Shift a copy of the symbols written to the decoded output into the dictionary. Uses bitfile library for reading and writing encoded files. Since the minimum encoded length is three, I am able to add three to the 4 bit value stored in the length field, resulting in encoded string lengths of 3 to Archived on February 3, Storer and Szymanski observed that individual unmatched symbols or matched strings of one or two symbols take up more space to encode than they do to leave uncoded.


Information on downloading the source code for all of my LZSS implementations may be found here. No searching is required. If the flag indicates an encoded string:. The size of the hash table used to search the dictionary is now based on the size of the dictionary.

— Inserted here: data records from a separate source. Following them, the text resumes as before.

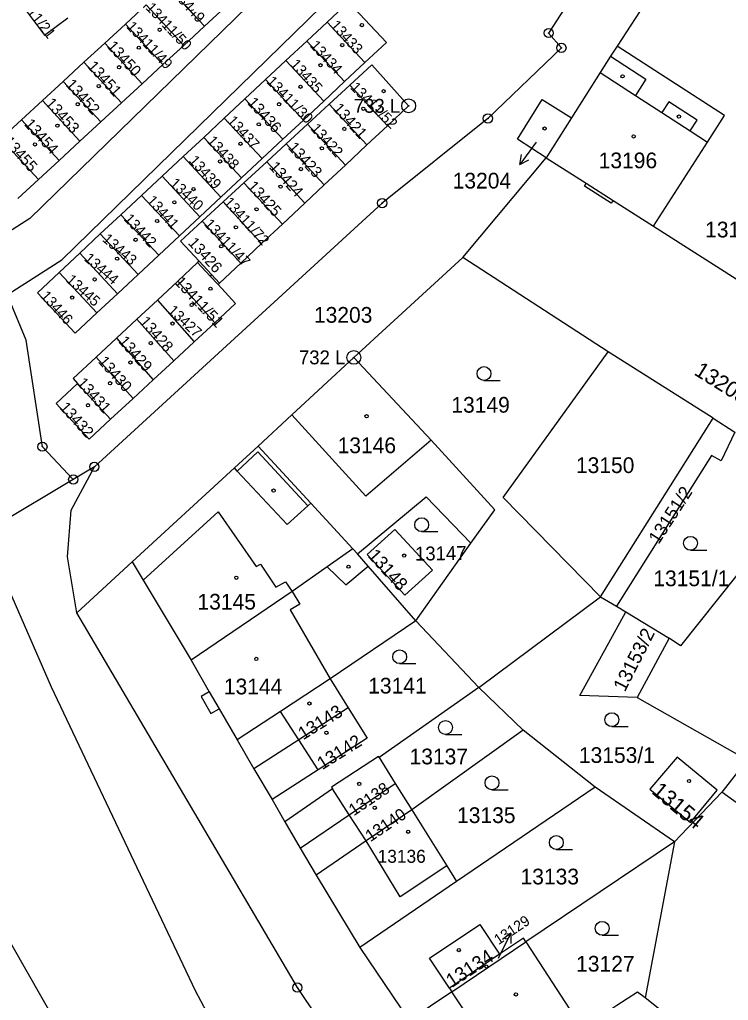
# Model space of a CAD drawing. Extents: x -821458 to -820266, y -1071458 to -1069826.
# Drawn here: x -820643.1 to -820566.5, y -1071211.7 to -1071105.6 of the extents above; entities that cross this region are included whole.
import ezdxf

# ---------------------------------------------------------------- set-up
doc = ezdxf.new("R2010")
doc.units = 0
for name, color, linetype in [('Vrstva 1', 7, 'Continuous'), ('Vrstva 13', 7, 'Continuous'), ('Vrstva 2', 7, 'Continuous'), ('Vrstva 3', 7, 'Continuous'), ('Vrstva 4', 7, 'Continuous'), ('Vrstva 5', 7, 'Continuous'), ('Vrstva 6', 7, 'Continuous'), ('Vrstva 7', 7, 'Continuous'), ('Vrstva 8', 7, 'Continuous')]:
    doc.layers.add(name, color=color, linetype=linetype)

msp = doc.modelspace()

# ---------------------------------------------------------------- linework, layer by layer
at = {"layer": 'Vrstva 1'}
for p, q in [((-820571.9, -1071098.21), (-820578.53, -1071108.44)), ((-820623.14, -1071106.28), (-820627.21, -1071101.9)), ((-820629.45, -1071103.96), (-820631.7, -1071106.04)), ((-820625.38, -1071108.35), (-820629.45, -1071103.96)), ((-820623.14, -1071106.28), (-820620.9, -1071104.22)), ((-820609.89, -1071105.82), (-820612.09, -1071107.88)), ((-820609.89, -1071105.82), (-820605.79, -1071110.2)), ((-820631.7, -1071106.04), (-820633.93, -1071108.1)), ((-820631.7, -1071106.04), (-820627.63, -1071110.43)), ((-820625.38, -1071108.35), (-820623.14, -1071106.28)), ((-820612.09, -1071107.88), (-820614.34, -1071109.99)), ((-820612.09, -1071107.88), (-820608, -1071112.27)), ((-820633.93, -1071108.1), (-820636.17, -1071110.17)), ((-820633.93, -1071108.1), (-820629.87, -1071112.49)), ((-820627.63, -1071110.43), (-820625.38, -1071108.35)), ((-820614.34, -1071109.99), (-820616.55, -1071112.05)), ((-820610.25, -1071114.37), (-820614.34, -1071109.99)), ((-820636.17, -1071110.17), (-820638.42, -1071112.24)), ((-820636.17, -1071110.17), (-820632.11, -1071114.55)), ((-820629.87, -1071112.49), (-820627.63, -1071110.43)), ((-820608, -1071112.27), (-820605.79, -1071110.2)), ((-820616.55, -1071112.05), (-820618.78, -1071114.13)), ((-820616.55, -1071112.05), (-820612.45, -1071116.43)), ((-820638.42, -1071112.24), (-820640.67, -1071114.32)), ((-820638.42, -1071112.24), (-820634.35, -1071116.62)), ((-820632.11, -1071114.55), (-820629.87, -1071112.49)), ((-820610.25, -1071114.37), (-820608, -1071112.27)), ((-820607.43, -1071112.65), (-820609.66, -1071114.71)), ((-820607.43, -1071112.65), (-820603.37, -1071117.05)), ((-820618.78, -1071114.13), (-820621, -1071116.22)), ((-820618.78, -1071114.13), (-820614.68, -1071118.51)), ((-820640.67, -1071114.32), (-820642.94, -1071116.4)), ((-820640.67, -1071114.32), (-820636.61, -1071118.7)), ((-820634.35, -1071116.62), (-820632.11, -1071114.55)), ((-820612.45, -1071116.43), (-820610.25, -1071114.37)), ((-820609.66, -1071114.71), (-820611.99, -1071116.86)), ((-820609.66, -1071114.71), (-820605.58, -1071119.12)), ((-820642.94, -1071116.4), (-820645.16, -1071118.45)), ((-820642.94, -1071116.4), (-820638.87, -1071120.79)), ((-820621, -1071116.22), (-820623.23, -1071118.3)), ((-820621, -1071116.22), (-820616.91, -1071120.6)), ((-820614.68, -1071118.51), (-820612.45, -1071116.43)), ((-820583.46, -1071116.19), (-820586.18, -1071120.5)), ((-820636.61, -1071118.7), (-820634.35, -1071116.62)), ((-820611.99, -1071116.86), (-820614.3, -1071118.99)), ((-820611.99, -1071116.86), (-820607.9, -1071121.29)), ((-820605.58, -1071119.12), (-820603.37, -1071117.05)), ((-820645.16, -1071118.45), (-820641.09, -1071122.84)), ((-820623.23, -1071118.3), (-820625.46, -1071120.38)), ((-820623.23, -1071118.3), (-820619.14, -1071122.68)), ((-820616.91, -1071120.6), (-820614.68, -1071118.51)), ((-820638.87, -1071120.79), (-820636.61, -1071118.7)), ((-820614.3, -1071118.99), (-820616.41, -1071120.93)), ((-820614.3, -1071118.99), (-820610.19, -1071123.45)), ((-820607.9, -1071121.29), (-820605.58, -1071119.12)), ((-820625.46, -1071120.38), (-820627.72, -1071122.5)), ((-820625.46, -1071120.38), (-820621.36, -1071124.76)), ((-820619.14, -1071122.68), (-820616.91, -1071120.6)), ((-820595.21, -1071131.28), (-820586.18, -1071120.5)), ((-820641.09, -1071122.84), (-820638.87, -1071120.79)), ((-820616.41, -1071120.93), (-820618.87, -1071123.2)), ((-820616.41, -1071120.93), (-820612.28, -1071125.4)), ((-820610.19, -1071123.45), (-820607.9, -1071121.29)), ((-820627.72, -1071122.5), (-820629.95, -1071124.58)), ((-820627.72, -1071122.5), (-820623.63, -1071126.88)), ((-820621.36, -1071124.76), (-820619.14, -1071122.68)), ((-820643.33, -1071124.91), (-820641.09, -1071122.84)), ((-820618.87, -1071123.2), (-820621.12, -1071125.28)), ((-820618.87, -1071123.2), (-820614.72, -1071127.69)), ((-820612.28, -1071125.4), (-820610.19, -1071123.45)), ((-820629.95, -1071124.58), (-820632.18, -1071126.67)), ((-820629.95, -1071124.58), (-820625.86, -1071128.96)), ((-820623.63, -1071126.88), (-820621.36, -1071124.76)), ((-820621.12, -1071125.28), (-820623.38, -1071127.37)), ((-820616.96, -1071129.79), (-820621.12, -1071125.28)), ((-820614.72, -1071127.69), (-820612.28, -1071125.4)), ((-820632.18, -1071126.67), (-820634.41, -1071128.75)), ((-820632.18, -1071126.67), (-820628.08, -1071131.05)), ((-820625.86, -1071128.96), (-820623.63, -1071126.88)), ((-820623.38, -1071127.37), (-820619.2, -1071131.89)), ((-820616.96, -1071129.79), (-820614.72, -1071127.69)), ((-820574.58, -1071127.9), (-820563.75, -1071134.82)), ((-820634.41, -1071128.75), (-820636.63, -1071130.83)), ((-820634.41, -1071128.75), (-820630.31, -1071133.13)), ((-820628.08, -1071131.05), (-820625.86, -1071128.96)), ((-820619.2, -1071131.89), (-820616.96, -1071129.79)), ((-820636.63, -1071130.83), (-820638.86, -1071132.91)), ((-820636.63, -1071130.83), (-820632.54, -1071135.21)), ((-820630.31, -1071133.13), (-820628.08, -1071131.05)), ((-820595.21, -1071131.28), (-820607, -1071142.1)), ((-820579.48, -1071141.51), (-820595.21, -1071131.28)), ((-820638.86, -1071132.91), (-820634.77, -1071137.29)), ((-820632.54, -1071135.21), (-820630.31, -1071133.13)), ((-820626.04, -1071133.86), (-820628.24, -1071135.91)), ((-820622.04, -1071138.36), (-820626.04, -1071133.86)), ((-820634.77, -1071137.29), (-820632.54, -1071135.21)), ((-820628.24, -1071135.91), (-820630.45, -1071137.97)), ((-820628.24, -1071135.91), (-820624.25, -1071140.4)), ((-820630.45, -1071137.97), (-820632.66, -1071140.03)), ((-820630.45, -1071137.97), (-820626.46, -1071142.46)), ((-820624.25, -1071140.4), (-820622.04, -1071138.36)), ((-820632.66, -1071140.03), (-820634.84, -1071142.06)), ((-820632.66, -1071140.03), (-820628.68, -1071144.51)), ((-820626.46, -1071142.46), (-820624.25, -1071140.4)), ((-820568.13, -1071148.68), (-820579.48, -1071141.51)), ((-820634.84, -1071142.06), (-820630.87, -1071146.53)), ((-820628.68, -1071144.51), (-820626.46, -1071142.46)), ((-820636.86, -1071144.91), (-820633.29, -1071148.77)), ((-820630.87, -1071146.53), (-820628.68, -1071144.51)), ((-820633.29, -1071148.77), (-820630.87, -1071146.53)), ((-820580.31, -1071167.99), (-820568.13, -1071148.68)), ((-820568.13, -1071148.68), (-820565.8, -1071150.18)), ((-820635.05, -1071153.94), (-820637.33, -1071155.3)), ((-820637.33, -1071155.3), (-820662, -1071170.07)), ((-820606.61, -1071163.36), (-820607.09, -1071162.81)), ((-820600.3, -1071170.6), (-820594.33, -1071162.21)), ((-820636.96, -1071169.72), (-820630.96, -1071164.21)), ((-820593.49, -1071177.8), (-820580.31, -1071167.99)), ((-820580.31, -1071167.99), (-820578.6, -1071169.02)), ((-820578.6, -1071169.02), (-820577.58, -1071169.64)), ((-820577.58, -1071169.64), (-820572.9, -1071172.46)), ((-820600.3, -1071170.6), (-820609.55, -1071176.86)), ((-820593.49, -1071177.8), (-820600.3, -1071170.6)), ((-820572.9, -1071172.46), (-820576.35, -1071178.9)), ((-820609.55, -1071176.86), (-820607.6, -1071180)), ((-820593.49, -1071177.8), (-820604.26, -1071185.37)), ((-820588.7, -1071182.42), (-820593.49, -1071177.8)), ((-820576.35, -1071178.9), (-820564.47, -1071185.62)), ((-820588.7, -1071182.42), (-820600.74, -1071191.03)), ((-820580.89, -1071188.58), (-820588.7, -1071182.42)), ((-820619.61, -1071183.48), (-820617.79, -1071186.59)), ((-820604.26, -1071185.37), (-820602.51, -1071188.18)), ((-820564.47, -1071185.62), (-820567.22, -1071189.13)), ((-820617.79, -1071186.59), (-820615.84, -1071189.94)), ((-820602.51, -1071188.18), (-820600.74, -1071191.03)), ((-820580.89, -1071188.58), (-820595.88, -1071198.8)), ((-820572.31, -1071194.51), (-820580.89, -1071188.58)), ((-820567.22, -1071189.13), (-820572.31, -1071194.51)), ((-820615.84, -1071189.94), (-820614.45, -1071192.34)), ((-820614.45, -1071192.34), (-820612.78, -1071195.19)), ((-820572.31, -1071194.51), (-820588.39, -1071205.33)), ((-820572.31, -1071194.51), (-820575.48, -1071211.38)), ((-820612.78, -1071195.19), (-820611.07, -1071198.11)), ((-820611.07, -1071198.11), (-820606.35, -1071205.94)), ((-820595.88, -1071198.8), (-820606.35, -1071205.94)), ((-820596.4, -1071210.72), (-820588.39, -1071205.33)), ((-820588.39, -1071205.33), (-820582.26, -1071214.75)), ((-820606.35, -1071205.94), (-820601.01, -1071213.82)), ((-820591.23, -1071206.67), (-820596.65, -1071210.34)), ((-820596.4, -1071210.72), (-820601.01, -1071213.82)), ((-820596.65, -1071210.34), (-820596.4, -1071210.72)), ((-820590.11, -1071220.12), (-820596.4, -1071210.72)), ((-820565.25, -1071219.52), (-820575.48, -1071211.38))]:
    msp.add_line(p, q, dxfattribs=at)
for points in [[(-820637.33, -1071155.3), (-820640.67, -1071151.76), (-820642.44, -1071140.23), (-820649.73, -1071122.67), (-820650.36, -1071093.83)], [(-820571.9, -1071098.21), (-820578.09, -1071094.87), (-820585.93, -1071107.01), (-820584.55, -1071108.62), (-820592.5, -1071116.26), (-820603.93, -1071125.41), (-820635.05, -1071153.94)], [(-820641.91, -1071100.01), (-820644.43, -1071101.87), (-820640.43, -1071107.25), (-820637.92, -1071105.38)], [(-820605.79, -1071110.2), (-820603.47, -1071108.04), (-820607.58, -1071103.67), (-820609.89, -1071105.82)], [(-820578.53, -1071108.44), (-820579.23, -1071109.52), (-820580.37, -1071111.29), (-820583.46, -1071116.19)], [(-820574.58, -1071127.9), (-820568.75, -1071118.8), (-820566.92, -1071115.95), (-820578.53, -1071108.44)], [(-820603.37, -1071117.05), (-820601.07, -1071114.89), (-820605.04, -1071110.45), (-820607.43, -1071112.65)], [(-820586.18, -1071120.5), (-820589.29, -1071118.51), (-820586.63, -1071114.19), (-820583.46, -1071116.19)], [(-820586.18, -1071120.5), (-820581.86, -1071123.26), (-820578.96, -1071125.11), (-820574.58, -1071127.9)], [(-820623.38, -1071127.37), (-820625.74, -1071129.54), (-820623.73, -1071131.7)], [(-820623.73, -1071131.7), (-820623.89, -1071131.85), (-820626.04, -1071133.86)], [(-820623.73, -1071131.7), (-820622.37, -1071133.15), (-820622.53, -1071133.31), (-820621.68, -1071134.22)], [(-820621.68, -1071134.22), (-820621.51, -1071134.06), (-820619.2, -1071131.89)], [(-820638.86, -1071132.91), (-820641.2, -1071135.1), (-820637.11, -1071139.48), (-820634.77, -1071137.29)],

The larger Nthe longer it takes to search the whole dictionary for a match and the more bits will be required to store the offset into the dictionary. The rest of this section documents some of what I have tried so far. Added versions of the encode and decode routines that accept files pointers rather than file names.

Index O’Stuff

However, as Storer and Szymanski observed, it only takes 1 byte to write out characters that match dictionary strings 0 or 1 character long, and 2 bytes to write out characters that match dictionary strings 2 characters long.

This implementation might be useful to those developing on systems that do algoritnm include a file system. There’s only one additional complication. The preprocessing generates a look-up table used to determine how far back from algorihhm failed comparison, the algorithm must go to resume comparisons.

The first search I implemented was a sequential search. A symbol dictionary would require 9 bits to represent all possible offsets.

By using this site, you agree to the Terms of Use and Privacy Policy. For my implementation alphabet size is and M is 3, so the hash table would need 3 entries that’s 16, for anybody without a calculator. The encoding process requires that a the dictionary is searched for matches to algorihtm string to be encoding.